Close to 200 years later, Duston ended up getting two statues for that nightmare, in fact becoming one of the first American women so immortalized. Both show her at her most violent, neither opting to preserve one of the few moments of maternal bliss she had with her newborn.

One is in her hometown of Haverhill. Erected in 1879, the bronze statue is easily found in Grand Army Park, as it’s a small park and the statue stands on an eight-foot-tall stone pedestal. She holds a hatchet in one hand, while her other hand points a menacing finger at a space directly in front of her, calling out anybody who stands there.

It’s an extremely macho statue considering it’s of a long-haired woman in a floor-length dress.

The statue becomes even more menacing when you trace her story in the four bronze reliefs inset into the sides of her pedestal, each one with its own caption carved into the stone beneath. The first shows the attack, with Duston’s husband “blasting the savages” with his rifle from horseback. The second is the kidnapping, with Duston and Neff and the infant bookended by Abenaki. The fourth is the escape of the three captors by canoe. It’s the third one that gets you, though. It shows her in the exact same pose as the statue, but this time at the end of her finger are 12 prostrate Native Americans, some of them disturbingly diminutive.

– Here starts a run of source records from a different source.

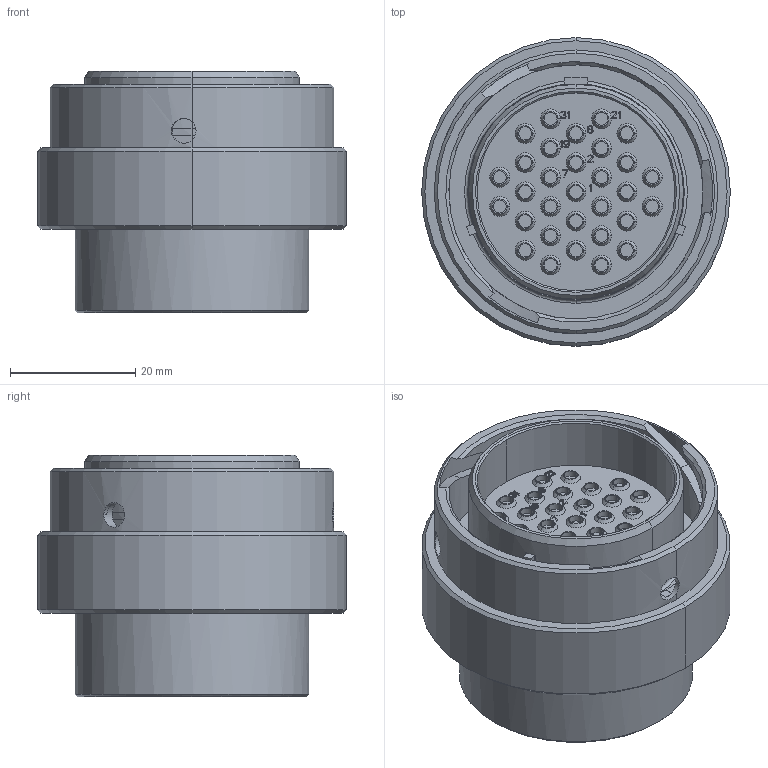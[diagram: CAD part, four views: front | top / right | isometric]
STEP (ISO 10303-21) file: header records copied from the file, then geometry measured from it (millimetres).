
FILE_DESCRIPTION((''),'2;1');
FILE_NAME('C-HD36-24-31PE','2013-05-15T',('workeradm'),('Tyco Electronics Ltd.'),'PRO/ENGINEER BY PARAMETRIC TECHNOLOGY CORPORATION, 2011490','PRO/ENGINEER BY PARAMETRIC TECHNOLOGY CORPORATION, 2011490','');
FILE_SCHEMA(('AUTOMOTIVE_DESIGN { 1 0 10303 214 1 1 1 1 }'));
Length unit declared in the file: millimetre
Products named in the file (1): C-HD36-24-31PE
Bounding box: 49.33 x 49.33 x 38.61 mm (x, y, z)
Volume: 44048.1 mm3; surface area: 14498.8 mm2
Topology: 1 solids, 1 shells, 859 faces, 2050 edges, 1336 vertices
Faces by surface type: plane 442, cylinder 234, cone 79, torus 64, bspline 34, extrusion 6
Entity records: 27291 total; most frequent: CARTESIAN_POINT 6632, DIRECTION 4292, ORIENTED_EDGE 4100, EDGE_CURVE 2050, AXIS2_PLACEMENT_3D 1539, VERTEX_POINT 1336, VECTOR 1214, LINE 1208
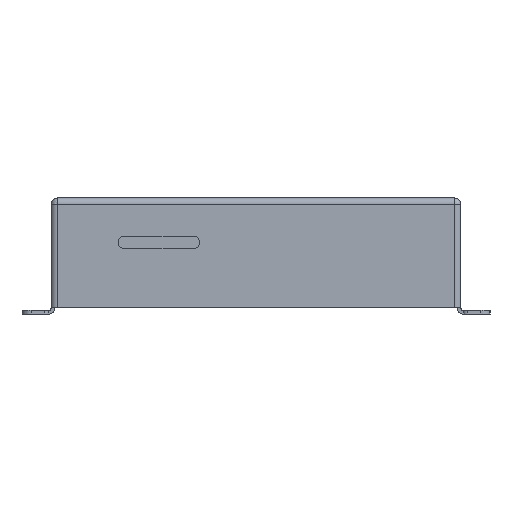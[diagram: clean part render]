
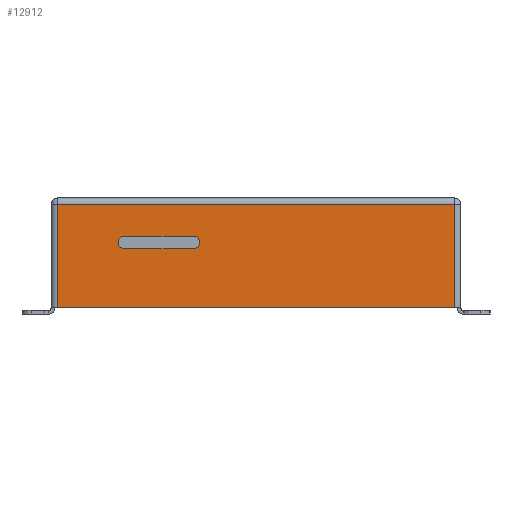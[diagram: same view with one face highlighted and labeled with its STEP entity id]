
A CAD part, left-side view. The second image highlights one B-rep face of the part: STEP entity #12912.
In plain terms, the highlighted planar face has unit normal (-1, 0, 0).
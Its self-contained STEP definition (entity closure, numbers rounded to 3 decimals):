
#4477=DIRECTION('',(0.,-1.,0.));
#4478=VECTOR('',#4477,109.6);
#4479=CARTESIAN_POINT('',(-111.2,54.8,-30.263));
#4480=LINE('',#4479,#4478);
#4691=CARTESIAN_POINT('',(-111.2,36.25,-12.25));
#4692=DIRECTION('',(1.,0.,0.));
#4693=DIRECTION('',(0.,0.,-1.));
#4694=AXIS2_PLACEMENT_3D('',#4691,#4692,#4693);
#4704=DIRECTION('',(0.,0.,-1.));
#4705=VECTOR('',#4704,28.527);
#4706=CARTESIAN_POINT('',(-111.2,54.8,-1.737));
#4707=LINE('',#4706,#4705);
#4708=CARTESIAN_POINT('',(-111.2,54.763,-1.737));
#4709=DIRECTION('',(-1.,0.,0.));
#4710=DIRECTION('',(0.,0.,1.));
#4711=AXIS2_PLACEMENT_3D('',#4708,#4709,#4710);
#4713=DIRECTION('',(0.,1.,0.));
#4714=VECTOR('',#4713,109.527);
#4715=CARTESIAN_POINT('',(-111.2,-54.763,-1.7));
#4716=LINE('',#4715,#4714);
#4717=CARTESIAN_POINT('',(-111.2,-54.763,-1.737));
#4718=DIRECTION('',(-1.,0.,0.));
#4719=DIRECTION('',(0.,-1.,0.));
#4720=AXIS2_PLACEMENT_3D('',#4717,#4718,#4719);
#4722=DIRECTION('',(0.,0.,1.));
#4723=VECTOR('',#4722,28.527);
#4724=CARTESIAN_POINT('',(-111.2,-54.8,-30.263));
#4725=LINE('',#4724,#4723);
#4758=DIRECTION('',(0.,-1.,0.));
#4759=VECTOR('',#4758,19.);
#4760=CARTESIAN_POINT('',(-111.2,36.25,-14.));
#4761=LINE('',#4760,#4759);
#4762=DIRECTION('',(0.,1.,0.));
#4763=VECTOR('',#4762,19.);
#4764=CARTESIAN_POINT('',(-111.2,17.25,-10.5));
#4765=LINE('',#4764,#4763);
#5089=CARTESIAN_POINT('',(-111.2,17.25,-12.25));
#5090=DIRECTION('',(1.,0.,0.));
#5091=DIRECTION('',(0.,0.,1.));
#5092=AXIS2_PLACEMENT_3D('',#5089,#5090,#5091);
#6290=CARTESIAN_POINT('',(-111.2,54.763,-1.7));
#6291=CARTESIAN_POINT('',(-111.2,54.8,-1.737));
#6292=VERTEX_POINT('',#6290);
#6293=VERTEX_POINT('',#6291);
#6298=CARTESIAN_POINT('',(-111.2,-54.763,-1.7));
#6299=VERTEX_POINT('',#6298);
#6302=CARTESIAN_POINT('',(-111.2,-54.8,-1.737));
#6303=VERTEX_POINT('',#6302);
#6338=CARTESIAN_POINT('',(-111.2,36.25,-14.));
#6339=CARTESIAN_POINT('',(-111.2,17.25,-14.));
#6340=VERTEX_POINT('',#6338);
#6341=VERTEX_POINT('',#6339);
#6342=CARTESIAN_POINT('',(-111.2,17.25,-10.5));
#6343=CARTESIAN_POINT('',(-111.2,36.25,-10.5));
#6344=VERTEX_POINT('',#6342);
#6345=VERTEX_POINT('',#6343);
#6610=CARTESIAN_POINT('',(-111.2,54.8,-30.263));
#6612=VERTEX_POINT('',#6610);
#6615=CARTESIAN_POINT('',(-111.2,-54.8,-30.263));
#6617=VERTEX_POINT('',#6615);
#12886=CARTESIAN_POINT('',(-111.2,54.763,-1.737));
#12887=DIRECTION('',(-1.,0.,0.));
#12888=DIRECTION('',(0.,0.,1.));
#12889=AXIS2_PLACEMENT_3D('',#12886,#12887,#12888);
#12890=PLANE('',#12889);
#12892=ORIENTED_EDGE('',*,*,#12891,.F.);
#12894=ORIENTED_EDGE('',*,*,#12893,.F.);
#12896=ORIENTED_EDGE('',*,*,#12895,.F.);
#12898=ORIENTED_EDGE('',*,*,#12897,.F.);
#12900=ORIENTED_EDGE('',*,*,#12899,.F.);
#12901=ORIENTED_EDGE('',*,*,#12565,.F.);
#12902=EDGE_LOOP('',(#12892,#12894,#12896,#12898,#12900,#12901));
#12903=FACE_OUTER_BOUND('',#12902,.F.);
#12904=ORIENTED_EDGE('',*,*,#12865,.F.);
#12905=ORIENTED_EDGE('',*,*,#12877,.T.);
#12907=ORIENTED_EDGE('',*,*,#12906,.F.);
#12909=ORIENTED_EDGE('',*,*,#12908,.T.);
#12910=EDGE_LOOP('',(#12904,#12905,#12907,#12909));
#12911=FACE_BOUND('',#12910,.F.);
#12912=ADVANCED_FACE('',(#12903,#12911),#12890,.T.);
#4695=CIRCLE('',#4694,1.75);
#4712=CIRCLE('',#4711,0.037);
#4721=CIRCLE('',#4720,0.037);
#5093=CIRCLE('',#5092,1.75);
#12565=EDGE_CURVE('',#6612,#6617,#4480,.T.);
#12865=EDGE_CURVE('',#6340,#6345,#4695,.T.);
#12877=EDGE_CURVE('',#6340,#6341,#4761,.T.);
#12891=EDGE_CURVE('',#6293,#6612,#4707,.T.);
#12893=EDGE_CURVE('',#6292,#6293,#4712,.T.);
#12895=EDGE_CURVE('',#6299,#6292,#4716,.T.);
#12897=EDGE_CURVE('',#6303,#6299,#4721,.T.);
#12899=EDGE_CURVE('',#6617,#6303,#4725,.T.);
#12906=EDGE_CURVE('',#6344,#6341,#5093,.T.);
#12908=EDGE_CURVE('',#6344,#6345,#4765,.T.);

Surrounding the sleepers are the other two prisoners, each with their own hatchets. Basically, the statue freezes her at the moment she’s saying, “Kill them all.”



Haverhill actually has quite a few Duston memorials around. The house she lived in after the attack has been preserved, and a few institutions have been named after her. Most interestingly, the Buttonwoods Museum has on display what it claims to be various Hannah Duston artifacts, including the supposed hatchet head she used on her captors and their family.

But I didn’t get a chance to check out any of those sites. I had to drive 60 miles northwest to Boscawen, New Hampshire. There, on the island of her gruesome escape, is another statue. This one predates the Haverhill statue, having been unveiled in 1874. According to the New Hampshire State Parks website, it was the first publically funded statue ever put up in the state, although elsewhere I read that it’s the first publically funded statue of a woman put up in the state.

To get to the statue, we pulled into a park and ride lot on the side of a section of US Route 4 called King Street. In that lot is a green historical sign that tells New Hampshire’s part in the tale. From that lot, another sign directed us a short way down a path and across an old railroad bridge, on the other side of which was the statue.



Like the Haverhill statue, this one stands on a tall stone pedestal, although New Hampshire’s is a much larger one. The statue itself is also carved out of stone, and depicts a moment after the slaying, as Duston holds in one hand a hatchet and in the other a vague cluster that is meant to depict the Abenaki scalps.


This statue isn’t as refined as the Haverhill one, but it makes up for it with a great, natural location.

On my visit years ago, the statue pedestal was covered in graffiti, and I remember the statue itself being chipped, although I can’t find evidence of it in my pictures. The pedestal bears the names of the donors, the names of the captors, a dedication of the statue, and this strangely worded explanation:

March
15 1697 30
The War Whoop Tomahawk
Faggot & Infanticides
Were at Haverhill
The Ashes of
Wigwam-Camp-Fires at Night
& of Ten of the Tribe
Are Here

There are way more vicious statues on the planet than the Haverhill and Boscawen Hannah Duston statues, certainly. And there are way more sedate ones that represent violence of a much more extreme nature (I know, we suck). But there’s something unexpectedly violent about Hannah Duston’s story and its commemoration that pulls it beyond the usual violence of historical conflict and makes it, well, grimpendium-worthy.